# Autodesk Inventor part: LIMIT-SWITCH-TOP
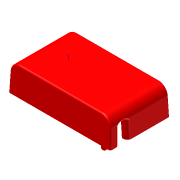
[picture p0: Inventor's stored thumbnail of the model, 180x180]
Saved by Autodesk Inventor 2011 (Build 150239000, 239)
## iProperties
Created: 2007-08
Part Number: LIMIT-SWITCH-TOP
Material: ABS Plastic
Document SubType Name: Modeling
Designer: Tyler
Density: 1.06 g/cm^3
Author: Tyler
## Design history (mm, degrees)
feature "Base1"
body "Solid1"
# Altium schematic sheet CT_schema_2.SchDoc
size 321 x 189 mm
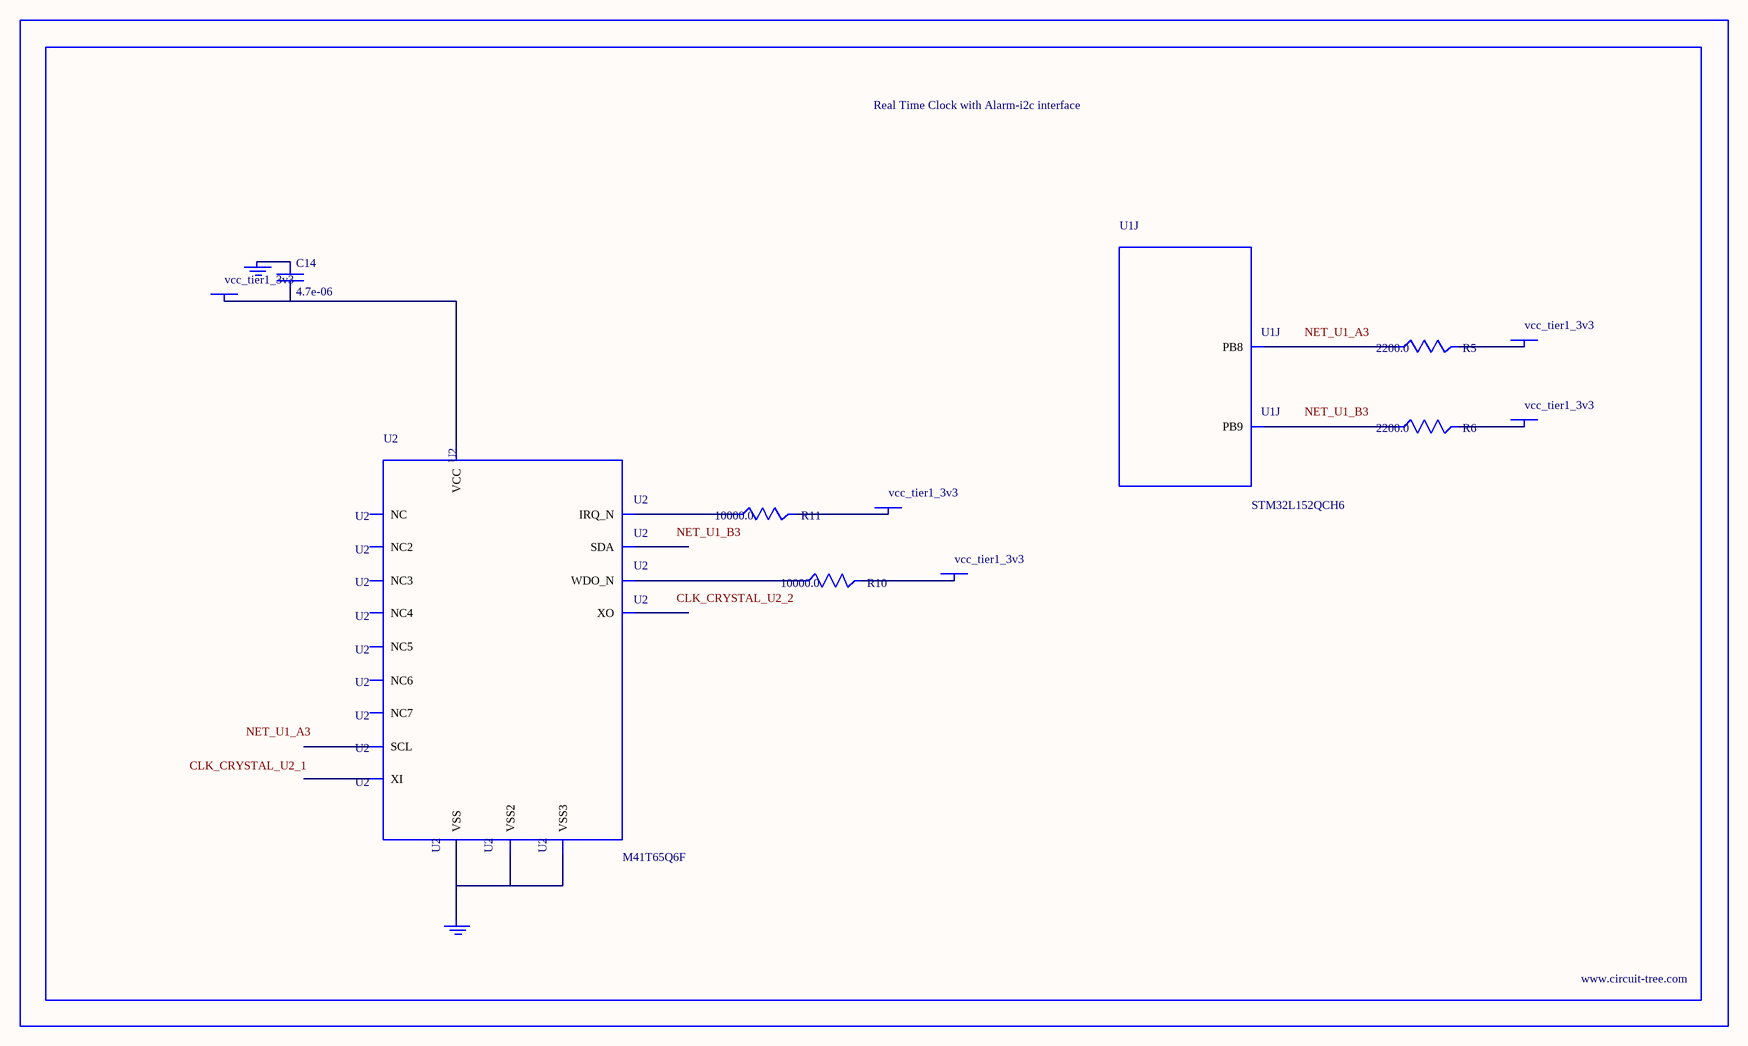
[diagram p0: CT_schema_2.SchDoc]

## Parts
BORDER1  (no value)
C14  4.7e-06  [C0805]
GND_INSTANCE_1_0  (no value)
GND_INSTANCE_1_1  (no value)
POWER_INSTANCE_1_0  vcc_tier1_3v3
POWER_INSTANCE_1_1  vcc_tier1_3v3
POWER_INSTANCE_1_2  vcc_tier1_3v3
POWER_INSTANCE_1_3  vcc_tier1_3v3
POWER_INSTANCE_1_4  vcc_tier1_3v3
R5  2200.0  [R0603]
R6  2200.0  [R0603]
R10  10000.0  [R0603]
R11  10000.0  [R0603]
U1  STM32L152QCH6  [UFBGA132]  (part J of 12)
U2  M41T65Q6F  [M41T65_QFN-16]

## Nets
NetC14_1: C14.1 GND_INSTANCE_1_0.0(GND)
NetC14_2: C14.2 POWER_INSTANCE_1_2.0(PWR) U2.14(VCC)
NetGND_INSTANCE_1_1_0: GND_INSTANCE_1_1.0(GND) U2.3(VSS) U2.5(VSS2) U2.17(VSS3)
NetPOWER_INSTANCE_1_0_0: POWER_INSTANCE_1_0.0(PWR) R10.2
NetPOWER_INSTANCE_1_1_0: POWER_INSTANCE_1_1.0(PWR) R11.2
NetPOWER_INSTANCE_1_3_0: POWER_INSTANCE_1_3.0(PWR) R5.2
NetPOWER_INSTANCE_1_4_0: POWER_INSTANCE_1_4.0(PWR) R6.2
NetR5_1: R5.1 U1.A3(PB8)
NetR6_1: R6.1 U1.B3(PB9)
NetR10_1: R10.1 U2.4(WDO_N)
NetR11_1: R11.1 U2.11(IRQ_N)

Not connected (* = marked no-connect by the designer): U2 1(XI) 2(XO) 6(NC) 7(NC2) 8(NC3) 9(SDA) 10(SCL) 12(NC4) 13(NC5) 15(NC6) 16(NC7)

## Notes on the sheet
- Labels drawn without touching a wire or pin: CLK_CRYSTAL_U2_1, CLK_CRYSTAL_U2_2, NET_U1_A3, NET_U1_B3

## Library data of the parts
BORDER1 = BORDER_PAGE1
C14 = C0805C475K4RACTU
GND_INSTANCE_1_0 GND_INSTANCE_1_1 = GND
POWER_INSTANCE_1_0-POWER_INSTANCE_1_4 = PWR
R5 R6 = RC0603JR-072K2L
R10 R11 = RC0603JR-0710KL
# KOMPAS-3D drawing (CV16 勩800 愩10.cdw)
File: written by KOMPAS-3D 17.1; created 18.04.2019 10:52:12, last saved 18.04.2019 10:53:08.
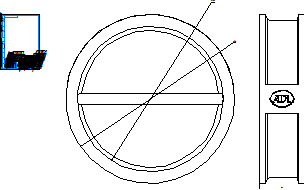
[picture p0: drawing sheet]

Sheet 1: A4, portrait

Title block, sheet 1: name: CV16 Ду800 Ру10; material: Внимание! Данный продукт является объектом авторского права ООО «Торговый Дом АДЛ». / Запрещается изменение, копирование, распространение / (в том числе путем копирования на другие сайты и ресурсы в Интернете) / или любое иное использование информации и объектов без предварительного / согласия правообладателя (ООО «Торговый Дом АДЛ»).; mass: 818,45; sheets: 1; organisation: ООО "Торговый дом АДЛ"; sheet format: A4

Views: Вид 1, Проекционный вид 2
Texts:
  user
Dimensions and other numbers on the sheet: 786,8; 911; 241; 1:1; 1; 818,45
▬▬▬
### Activity
Each entry above should be returned exactly as written, minus its pictures.

### Task response
# Autodesk Inventor part: LIMIT-SWITCH-TOP
[picture p0: Inventor's stored thumbnail of the model, 180x180]
Saved by Autodesk Inventor 2011 (Build 150239000, 239)
## iProperties
Created: 2007-08
Part Number: LIMIT-SWITCH-TOP
Material: ABS Plastic
Document SubType Name: Modeling
Designer: Tyler
Density: 1.06 g/cm^3
Author: Tyler
## Design history (mm, degrees)
feature "Base1"
body "Solid1"
# Altium schematic sheet CT_schema_2.SchDoc
size 321 x 189 mm
[diagram p0: CT_schema_2.SchDoc]

## Parts
BORDER1  (no value)
C14  4.7e-06  [C0805]
GND_INSTANCE_1_0  (no value)
GND_INSTANCE_1_1  (no value)
POWER_INSTANCE_1_0  vcc_tier1_3v3
POWER_INSTANCE_1_1  vcc_tier1_3v3
POWER_INSTANCE_1_2  vcc_tier1_3v3
POWER_INSTANCE_1_3  vcc_tier1_3v3
POWER_INSTANCE_1_4  vcc_tier1_3v3
R5  2200.0  [R0603]
R6  2200.0  [R0603]
R10  10000.0  [R0603]
R11  10000.0  [R0603]
U1  STM32L152QCH6  [UFBGA132]  (part J of 12)
U2  M41T65Q6F  [M41T65_QFN-16]

## Nets
NetC14_1: C14.1 GND_INSTANCE_1_0.0(GND)
NetC14_2: C14.2 POWER_INSTANCE_1_2.0(PWR) U2.14(VCC)
NetGND_INSTANCE_1_1_0: GND_INSTANCE_1_1.0(GND) U2.3(VSS) U2.5(VSS2) U2.17(VSS3)
NetPOWER_INSTANCE_1_0_0: POWER_INSTANCE_1_0.0(PWR) R10.2
NetPOWER_INSTANCE_1_1_0: POWER_INSTANCE_1_1.0(PWR) R11.2
NetPOWER_INSTANCE_1_3_0: POWER_INSTANCE_1_3.0(PWR) R5.2
NetPOWER_INSTANCE_1_4_0: POWER_INSTANCE_1_4.0(PWR) R6.2
NetR5_1: R5.1 U1.A3(PB8)
NetR6_1: R6.1 U1.B3(PB9)
NetR10_1: R10.1 U2.4(WDO_N)
NetR11_1: R11.1 U2.11(IRQ_N)

Not connected (* = marked no-connect by the designer): U2 1(XI) 2(XO) 6(NC) 7(NC2) 8(NC3) 9(SDA) 10(SCL) 12(NC4) 13(NC5) 15(NC6) 16(NC7)

## Notes on the sheet
- Labels drawn without touching a wire or pin: CLK_CRYSTAL_U2_1, CLK_CRYSTAL_U2_2, NET_U1_A3, NET_U1_B3

## Library data of the parts
BORDER1 = BORDER_PAGE1
C14 = C0805C475K4RACTU
GND_INSTANCE_1_0 GND_INSTANCE_1_1 = GND
POWER_INSTANCE_1_0-POWER_INSTANCE_1_4 = PWR
R5 R6 = RC0603JR-072K2L
R10 R11 = RC0603JR-0710KL
# KOMPAS-3D drawing (CV16 勩800 愩10.cdw)
File: written by KOMPAS-3D 17.1; created 18.04.2019 10:52:12, last saved 18.04.2019 10:53:08.
[picture p0: drawing sheet]

Sheet 1: A4, portrait

Title block, sheet 1: name: CV16 Ду800 Ру10; material: Внимание! Данный продукт является объектом авторского права ООО «Торговый Дом АДЛ». / Запрещается изменение, копирование, распространение / (в том числе путем копирования на другие сайты и ресурсы в Интернете) / или любое иное использование информации и объектов без предварительного / согласия правообладателя (ООО «Торговый Дом АДЛ»).; mass: 818,45; sheets: 1; organisation: ООО "Торговый дом АДЛ"; sheet format: A4

Views: Вид 1, Проекционный вид 2
Texts:
  user
Dimensions and other numbers on the sheet: 786,8; 911; 241; 1:1; 1; 818,45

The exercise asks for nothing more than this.